I have tried to use this XSLT:
<?xml version="1.0" encoding="UTF-8"?>
<xsl:stylesheet xmlns:xsl="http://www.w3.org/1999/XSL/Transform"
xmlns:data="urn:com.sample/bsvc"
exclude-result-prefixes="data"
version="2.0">
<xsl:output method="text"/>
<xsl:template match="/">
<xsl:value-of select="concat(':',/data:root/*[1]/local-name())"/>
</xsl:template>
</xsl:stylesheet>
example XML, and I am successfully to output what I want from the XSLT ":Data_Request" by using Oxygen
<data:root>
<data:Data_Request>
<data:name>John Doe</data:name>
<data:phone>123456776</data:phone>
</data:Data_Request>
</data:root>
My Ruby script:
def xslt_transform(filename)
#dir = File.join(Dir.pwd,'/input/')
xml_str = File.read(filename)
doc = Nokogiri::XML xml_str
template = Nokogiri::XSLT(File.open('Remove-CDATA.xsl'))
transformed_doc = template.transform(doc)
File.write(filename, transformed_doc)
end
Dir.glob('*.xml').each {|filename| xslt_transform(filename)}
#this is where iam trying to use the XSLT
def api_component(filename)
xml_str = File.read(filename)
doc = Nokogiri::XML xml_str
template = Nokogiri::XSLT(File.open('selectXMLelement.xsl'))
transformed_doc = template.transform(doc)
puts filename
end
api_name = Dir.glob('*xml').each {|filename| api_component(filename)}
puts api_name
def xml_to_csv(filename)
dir = File.join(Dir.pwd,'/input/')
xml_str = File.read(filename)
doc = Nokogiri::XML xml_str
csv_filename = filename.gsub('.xml','.csv')
record = {} # hashes
keys = Set.new
records = [] # array
csv = ""
# Returns a new hash created by traversing the hash and its subhashes,
# executing the given block on the key and value. The block should return a 2-element array of the form [key, value].
doc.traverse do |node|
value = node.text.gsub(/\n +/, '')
if node.name != "text" # skip these nodes: if class isnt text then skip
if value.length > 0 # skip empty nodes
key = node.name.gsub(/wd:/,'').to_sym
#api_component = doc.xpath('/*/*[1]')
# if a new and not empty record, add to our records collection
if key == :Data_Request && !record.empty? #for regular XML parsng, use the request data. For example :Location_Data
records << record
record = {}
elsif key[/^root$|^document$/]
# neglect these keys
else
key = node.name.gsub(/data:/,'').to_sym
# in case our value is html instead of text
record[key] = Nokogiri::HTML.parse(value).text
# add to our key set only if not already in the set
keys << key
end
end
end
end
# build our csv
dir = File.join(Dir.pwd,'/output/')
File.open('../output/'+csv_filename, 'wb') do |file|
file.puts %Q{"#{keys.to_a.join('","')}"}
records.each do |record|
keys.each do |key|
file.write %Q{"#{record[key]}",}
end
file.write "\n"
end
print ''
print filename+ " is ready!\n"
print ''
end
end
Dir.glob('*.xml').each { |filename| xml_to_csv(filename) }
As you can see, right now I have it hard coded the node element: if key == :Data_Request && !record.empty?
Is there a way to do so with Nokogiri? and it can dynamically detect all the XML files in the read path? If not, how can I achieve it with XSLT embeded in my script?
Side question! Is there a way to make all the data format as Text format with my script too so it can keep the leading zeros? :)

Related

how to use nokogiri to parse xml file for specific values?

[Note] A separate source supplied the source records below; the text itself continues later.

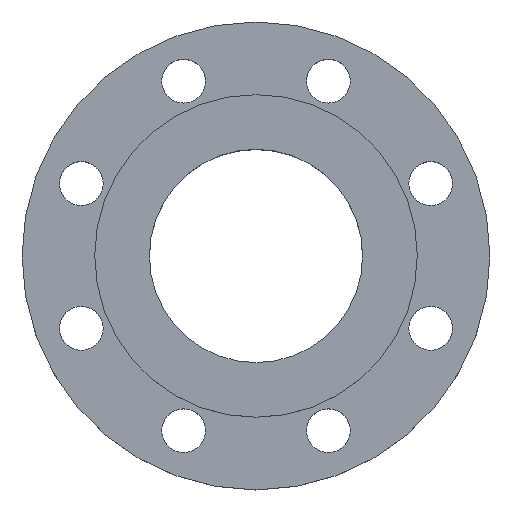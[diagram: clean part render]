
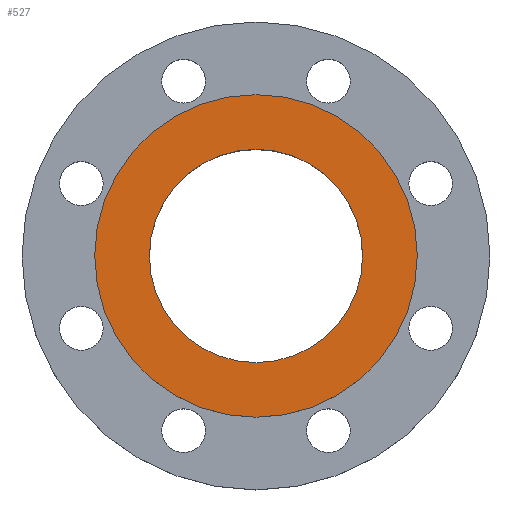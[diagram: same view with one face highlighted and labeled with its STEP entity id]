
A CAD part, top view. The second image highlights one B-rep face of the part: STEP entity #527.
In plain terms, the highlighted planar face has unit normal (0, 0, 1).
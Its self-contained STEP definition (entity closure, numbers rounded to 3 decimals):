
#96 = DIRECTION ( 'NONE',  ( 1., 0., 0. ) ) ;
#97 = DIRECTION ( 'NONE',  ( 0., 0., 1. ) ) ;
#101 = CARTESIAN_POINT ( 'NONE',  ( 81., 0., 3.6 ) ) ;
#103 = PLANE ( 'NONE',  #363 ) ;
#105 = FACE_BOUND ( 'NONE', #742, .T. ) ;
#106 = FACE_OUTER_BOUND ( 'NONE', #1154, .T. ) ;
#226 = CARTESIAN_POINT ( 'NONE',  ( 0., 0., 3.6 ) ) ;
#256 = CARTESIAN_POINT ( 'NONE',  ( 81., 0., 3.6 ) ) ;
#283 = DIRECTION ( 'NONE',  ( 1., 0., 0. ) ) ;
#284 = AXIS2_PLACEMENT_3D ( 'NONE', #351, #943, #283 ) ;
#324 = CARTESIAN_POINT ( 'NONE',  ( 0., 0., 3.6 ) ) ;
#332 = EDGE_CURVE ( 'NONE', #683, #754, #413, .T. ) ;
#334 = EDGE_CURVE ( 'NONE', #682, #430, #716, .T. ) ;
#351 = CARTESIAN_POINT ( 'NONE',  ( 0., 0., 3.6 ) ) ;
#363 = AXIS2_PLACEMENT_3D ( 'NONE', #101, #97, #96 ) ;
#368 = DIRECTION ( 'NONE',  ( 0., 0., 1. ) ) ;
#381 = CARTESIAN_POINT ( 'NONE',  ( 53.55, 0., 3.6 ) ) ;
#395 = CIRCLE ( 'NONE', #426, 81. ) ;
#413 = CIRCLE ( 'NONE', #284, 53.55 ) ;
#426 = AXIS2_PLACEMENT_3D ( 'NONE', #962, #368, #612 ) ;
#430 = VERTEX_POINT ( 'NONE', #256 ) ;
#464 = CIRCLE ( 'NONE', #596, 53.55 ) ;
#527 = ADVANCED_FACE ( 'NONE', ( #106, #105 ), #103, .T. ) ;
#551 = DIRECTION ( 'NONE',  ( 0., 0., 1. ) ) ;
#596 = AXIS2_PLACEMENT_3D ( 'NONE', #226, #551, #841 ) ;
#612 = DIRECTION ( 'NONE',  ( 1., 0., 0. ) ) ;
#626 = EDGE_CURVE ( 'NONE', #430, #682, #395, .T. ) ;
#637 = ORIENTED_EDGE ( 'NONE', *, *, #626, .T. ) ;
#638 = ORIENTED_EDGE ( 'NONE', *, *, #334, .T. ) ;
#641 = ORIENTED_EDGE ( 'NONE', *, *, #332, .F. ) ;
#644 = ORIENTED_EDGE ( 'NONE', *, *, #996, .F. ) ;
#682 = VERTEX_POINT ( 'NONE', #983 ) ;
#683 = VERTEX_POINT ( 'NONE', #381 ) ;
#716 = CIRCLE ( 'NONE', #861, 81. ) ;
#742 = EDGE_LOOP ( 'NONE', ( #641, #644 ) ) ;
#754 = VERTEX_POINT ( 'NONE', #1003 ) ;
#841 = DIRECTION ( 'NONE',  ( 1., 0., 0. ) ) ;
#861 = AXIS2_PLACEMENT_3D ( 'NONE', #324, #904, #915 ) ;
#904 = DIRECTION ( 'NONE',  ( 0., 0., 1. ) ) ;
#915 = DIRECTION ( 'NONE',  ( 1., 0., 0. ) ) ;
#943 = DIRECTION ( 'NONE',  ( 0., 0., 1. ) ) ;
#962 = CARTESIAN_POINT ( 'NONE',  ( 0., 0., 3.6 ) ) ;
#983 = CARTESIAN_POINT ( 'NONE',  ( -81., 0., 3.6 ) ) ;
#996 = EDGE_CURVE ( 'NONE', #754, #683, #464, .T. ) ;
#1003 = CARTESIAN_POINT ( 'NONE',  ( -53.55, 0., 3.6 ) ) ;
#1154 = EDGE_LOOP ( 'NONE', ( #637, #638 ) ) ;
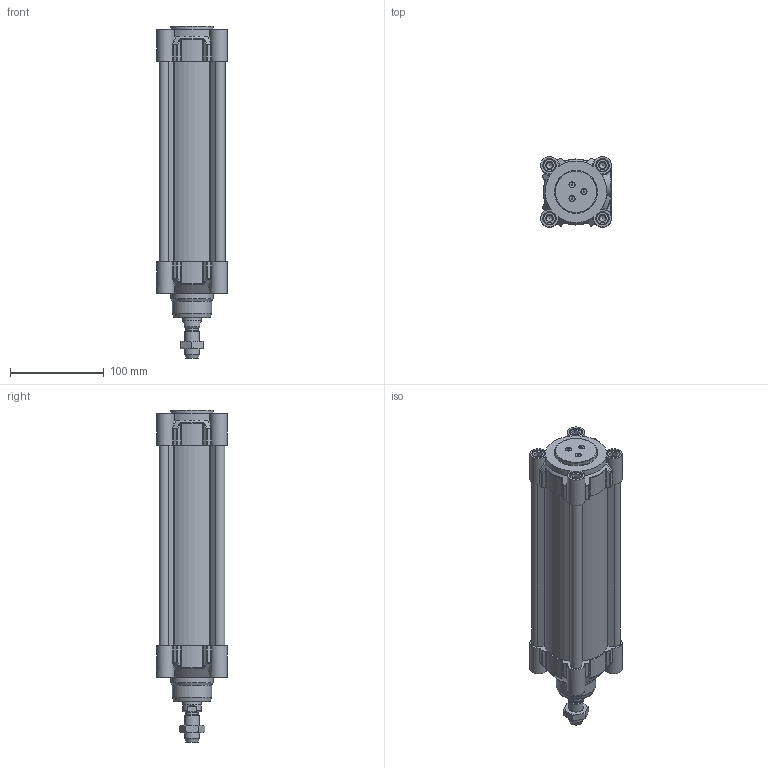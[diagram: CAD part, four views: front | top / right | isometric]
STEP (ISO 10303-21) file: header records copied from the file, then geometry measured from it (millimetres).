
FILE_DESCRIPTION(/* description */ ('Unknown'),/* implementation_level */ '2;1');
FILE_NAME(/* name */ 'HIFO 63_160',/* time_stamp */ '2024-08-14T14:06:13+02:00',/* author */ ('Unknown'),/* organization */ ('Unknown'),/* preprocessor_version */ 'ST-DEVELOPER v16.7',/* originating_system */ 'Solid Edge',/* authorisation */ 'Unknown');
FILE_SCHEMA (('AUTOMOTIVE_DESIGN {1 0 10303 214 3 1 1}'));
Length unit declared in the file: millimetre
Products named in the file (6): HIFO 63_160; Kit_2; Kit_1; Profilrohr 63_160; Kolbenstange 63_160; Mutter
Assembly tree (5 placements, depth 2):
  HIFO 63_160
    Kit_2
    Kit_1
    Profilrohr 63_160
    Kolbenstange 63_160
    Mutter
Bounding box: 75 x 75 x 354 mm (x, y, z)
Volume: 766276.7 mm3; surface area: 261865 mm2
Topology: 5 solids, 17 shells, 1141 faces, 2866 edges, 1828 vertices
Faces by surface type: cylinder 475, plane 368, cone 106, torus 86, bspline 62, sphere 44
Full cylindrical faces by diameter (mm): 3 x4, 3.4 x1, 3.5 x3, 6 x3, 6.647 x16, 8 x8, 8.3 x8, 9.9 x2, 10 x4, 12 x1, 13 x8, 13.3 x8, 13.5 x1, 14.376 x1, 14.94 x1, 14.95 x2, 16 x1, 19.5 x1, 20 x2, 20.5 x1, 20.8 x1, 20.847 x1, 24 x1, 30 x2, 42 x1, 45 x2, 63 x2
Entity records: 44140 total; most frequent: CARTESIAN_POINT 11422, ORIENTED_EDGE 5564, DIRECTION 5001, EDGE_CURVE 2782, AXIS2_PLACEMENT_3D 2008, VERTEX_POINT 1812, FACE_BOUND 1306, EDGE_LOOP 1298

I have an xml file from which I need to extract all values that contain https://www.example.com/a/b:
<xml>
<url><loc>https://www.example.com/a/b</loc></url>
<url><loc>https://www.example.com/b/c</loc></url>
<url><loc>https://www.example.com/a/b/c</loc></url>
<url><loc>https://www.example.com/c/d</loc></url>
</xml>
Given the above, this should return two results. I've opened the file and parsed it with Nokogiri, but I do not understand how to access the values of the //loc key.
require 'nokogiri'
require 'open-uri'
doc = File.open('./sitemap-en.xml') { |f| Nokogiri::XML(f) }
puts doc.xpath('//loc')
The above code puts the entire xml file, but I want it paired down so that I get everything under the /a/b subdirectories. How can I do this?
Both of the following solutions assume the following:
require 'nokogiri'
xml = <<-XML
<xml>
<url><loc>https://www.example.com/a/b</loc></url>
<url><loc>https://www.example.com/b/c</loc></url>
<url><loc>https://www.example.com/a/b/c</loc></url>
<url><loc>https://www.example.com/c/d</loc></url>
</xml>
XML
doc = Nokogiri::XML(xml)
To return a list of all loc elements, select only those whose inner text begins with https://www.example.com/a/b, and print the URL text:
elements = doc.xpath("//loc")
filtered_elements = elements.select do |element|
element.text.start_with? 'https://www.example.com/a/b'
end
filtered_elements.each do |element|
puts element.text
end
To capture a list of loc elements whose inner text contains the string https://www.example.com/a/b and print each URL:
elements = doc.xpath("//loc[contains(text(), 'https://www.example.com/a/b')]")
elements.each do |element|
puts element.text
end
To quickly print URLs using a slightly modified version of the previous XPATH query
puts doc.xpath("//loc[contains(text(), 'https://www.example.com/a/b')]/text()")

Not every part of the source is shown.